PORTO CERVO — Appena inaugurato il Billionaire Rubacuori, nuovo locale della catena di Flavio Briatore in Sardegna, è già bersaglio di contestazioni: un centinaio di persone sulla spiaggia di Capriccioli (una delle più belle della Costa Smeralda) ha protestato per lo sbarco di tre gommoni che portavano a terra Briatore, Elisabetta Gregoraci e alcune decine di vip. 

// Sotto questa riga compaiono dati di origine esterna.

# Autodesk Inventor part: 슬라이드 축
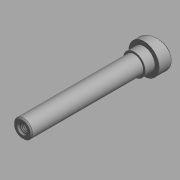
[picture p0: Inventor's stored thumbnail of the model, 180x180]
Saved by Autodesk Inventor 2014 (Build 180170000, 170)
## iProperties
Created: 2015-11
Part Number: 슬라이드 축
Document SubType Name: 모델링
Designer: mdu
Mass: 174.309 g
Surface Area: 67.586 cm^2
Volume: 21.5729 cm^3
Density: 8.08 g/cm^3
Material: 스테인리스강
Appearance: 기본값
변환 표준: STEP AP214IS
파일 이름: C:\Users\SeoGD\Desktop\?쒗뿕\異?stp
전처리기: Build: 253, Release: 2010 SP1 - Date: Wed 07/29/2009
전송 단위: 밀리미터
불확실성: 0.01
Author: mdu
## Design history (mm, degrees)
sketch "스케치1"
  geometry: L1 (0, 100)-(7.5, 100); L2 (7.5, 100)-(7.5, 0); L3 (7.5, 0)-(12.5, 0); L4 (12.5, 0)-(12.5, -17); L5 (12.5, -17)-(0, -17); L6 (0, -17)-(0, 100); 1 further point
  constraints: 12 end point, 2 parallel, 2 point on line, 1 perpendicular, 1 vertical
  dimensions: "d0" = 100 distance from line of L1 point (0, 0); "d1" = 15 diameter of L2 L6; "d2" = 25 diameter of L4 L6; "d3" = 17 distance of L3.end L4.end
revolve "회전1" sketch "스케치1" stored, may be unused: angle "d4" = 90 deg
sketch "스케치2"
  geometry: L1 (12.5, 0)-(12.5, -17) reference; L2 (-12.5, -17)-(12.5, -17) reference; L3 (-12.5, 0)-(-12.5, -17) reference; L4 (12.5, -5)-(-12.5, -11.699); L5 (-12.5, 0)-(12.5, 0) reference; 1 further point
  constraints: 2 end point, 2 point on line
  dimensions: "d5" = 75 deg angle of L1 L4; "d6" = 5 distance from line of L4.start L5
extrude "돌출1" cut sketch "스케치2" stored distance "d7" = 10; taper "d8" = 0 deg
chamfer "모따기1" distance "d9" = 1; stored, may be unused: second distance "d10" = 2, angle "d11" = 45 deg
fillet "모깎기1" dims "d12" = 0.5
hole "구멍1" diameter "d15" = 6.647; stored, may be unused: countersink angle "d19" = 90 deg, drill point angle "d21" = 118 deg; dims "d13" = 10, "d14" = 10, "d16" = 17, "d17" = 4, "d18" = 2, "d20" = 20
chamfer "모따기2" distance "d22" = 1; stored, may be unused: second distance "d23" = 2, angle "d24" = 45 deg
sketch "스케치3"
  geometry: C1 r 9 at (0, 0); 1 further point
  constraints: 1 centre point, 1 coincident
  dimensions: "d25" = 18 diameter of C1
extrude "돌출2" join sketch "스케치3" distance "d26" = 8; taper "d27" = 0 deg
node "솔리드1"
node "솔리드 본체"
node "곡면 본체"
node "솔리드2"
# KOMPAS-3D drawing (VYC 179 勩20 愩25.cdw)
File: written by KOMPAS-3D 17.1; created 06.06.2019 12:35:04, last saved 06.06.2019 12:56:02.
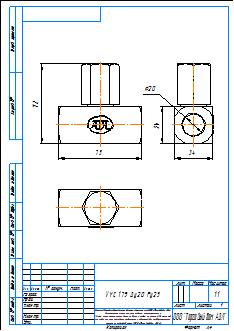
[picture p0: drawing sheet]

Sheet 1: A4, portrait

Title block, sheet 1: name: VYC 179 Ду20 Ру25; material: Внимание! Данный продукт является объектом авторского права ООО «Торговый Дом АДЛ». / Запрещается изменение, копирование, распространение / (в том числе путем копирования на другие сайты и ресурсы в Интернете) / или любое иное использование информации и объектов без предварительного / согласия правообладателя (ООО «Торговый Дом АДЛ»).; sheets: 1; organisation: ООО "Торговый дом АДЛ"; sheet format: A4; stored path: \\adlc.lan\data\АДЛ_ПКД\3D-модели\Поставщики\VYC Industrial\VYC 179\KOMPAS 2D\VYC 179 Ду20 Ру25.cdw

Views: Вид 1, Проекционный вид 2, Проекционный вид 3
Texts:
  user
Dimensions and other numbers on the sheet: 75; 72; 34; 20; 1:1; 1

Porto Cervo , Briatore contestato dai bagnanti 				




      

*Il locale, un ristorante-bar, è vicinissimo alla spiaggia. *I gommoni disturbavano i bagnanti, fra i quali molti bambini. Urla, improperi, battibecchi: «Andate via! Vergogna! Cafoni, tornate a casa!». Applausi ironici, da un gruppo è partita una salve di «gavettoni»: papà e mamme infuriati hanno riempito d'acqua i secchielli dei bambini e li hanno lanciati contro una pattuglia di vip che comprendeva alcuni americani e una vistosissima bellezza fasciata da un superaderente lamè d'argento, inzuppandoli. Sbarco e contestazioni ieri nel primissimo pomeriggio. Il Rubacuori è il gemello day del più famoso Billionaire night, che dalla collina di Pantoggia domina Porto Cervo e il golfo del Pevero. Fino alla scorsa estate a ridosso della spiaggia di Capriccioli c'era un piccolo bar, quasi un chiosco. Briatore lo ha rilevato e ne ha fatto un ritrovo per i proprietari (e i loro ospiti) dei grandi yacht all'ancora fra la spiaggia di Liscia Ruja e Cala di Volpe: ristorante circondato da tende bianche a mo' di vele, tettoie e «mura» di canne per proteggere la privacy, tappeti rossi, atmosfera esotica, ragazze col sorriso stampato e di giallo vestite. Ma la prima giornata non è andata bene.         
*Capriccioli è sempre stata una spiaggia per famiglie,* ieri erano più di mille a fare il bagno. «Non possono venire fino a riva con i gommoni, è pericoloso», ha protestato una signora romana. Nel primo gommone c'erano Briatore e la Gregoraci, che si sono fatti largo protetti dagli uomini della scorta e le contestazioni si sono limitate a qualche mormorio. Poi è sbarcato Emilio Fede e sono partiti fischi e grida. I più decisi fra i turisti hanno cercato di impedire al terzo gommone di prendere terra. Più tardi è riapparso Briatore: «Ma come – ha obiettato – noi siamo così carini e poi veniamo ricompensati così. Qui chiudo tutto. Pago le tasse, è un mio diritto». Dal Billionaire nessun commento. Nicola Parente: «Ho altro da fare, c'è la festa di Fawaz Gruosi, abbiamo più di 300 very important». 
 Alberto Pinna
*09 agosto 2008*






Pero' stanno a rompere un po troppo questi vip del cacchio ... non esistono Solo loro a questo mondo ... vien da dire: Briatore&Company, ma vafffanculo.


----------



## Persa/Ritrovata (9 Agosto 2008)

I tizi che hanno la pretesa di arrivare a terra a motore con il gommone o di occupare la spiaggia con lo stesso in Sardegna si sono sempre visti soprattutto nell'arcipelago de La Maddalena ...era bellissimo veder arrivare la Guardia Forestale o la Guardia Costiera a multarli ... 

	
	
		
		
	


	




  Chissà tra i tanti bagnanti imbufaliti li aveva chiamati... 

	
	
		
		
	


	




 .
Io ho visto in spiaggia correttissimi De Sica con la moglie e Pozzetto andare e venire a nuoto dalla barca senza neppure il tender per non disturbare.


----------



## Bruja (9 Agosto 2008)

*Mari'*

No comment.... certi atteggiamenti sono autodenuncianti. Quando si é cafoni, il C/C e il prestigio mediatico fanno solo da grancassa...
Bruja


----------



## Quibbelqurz (10 Agosto 2008)

Apprezzo il simpatico intervento con i secchielli ... e contesto la frase:



> Più tardi è riapparso Briatore: «Ma come – ha obiettato – noi siamo così carini e poi veniamo ricompensati così. Qui chiudo tutto. *Pago le tasse, è un mio diritto*».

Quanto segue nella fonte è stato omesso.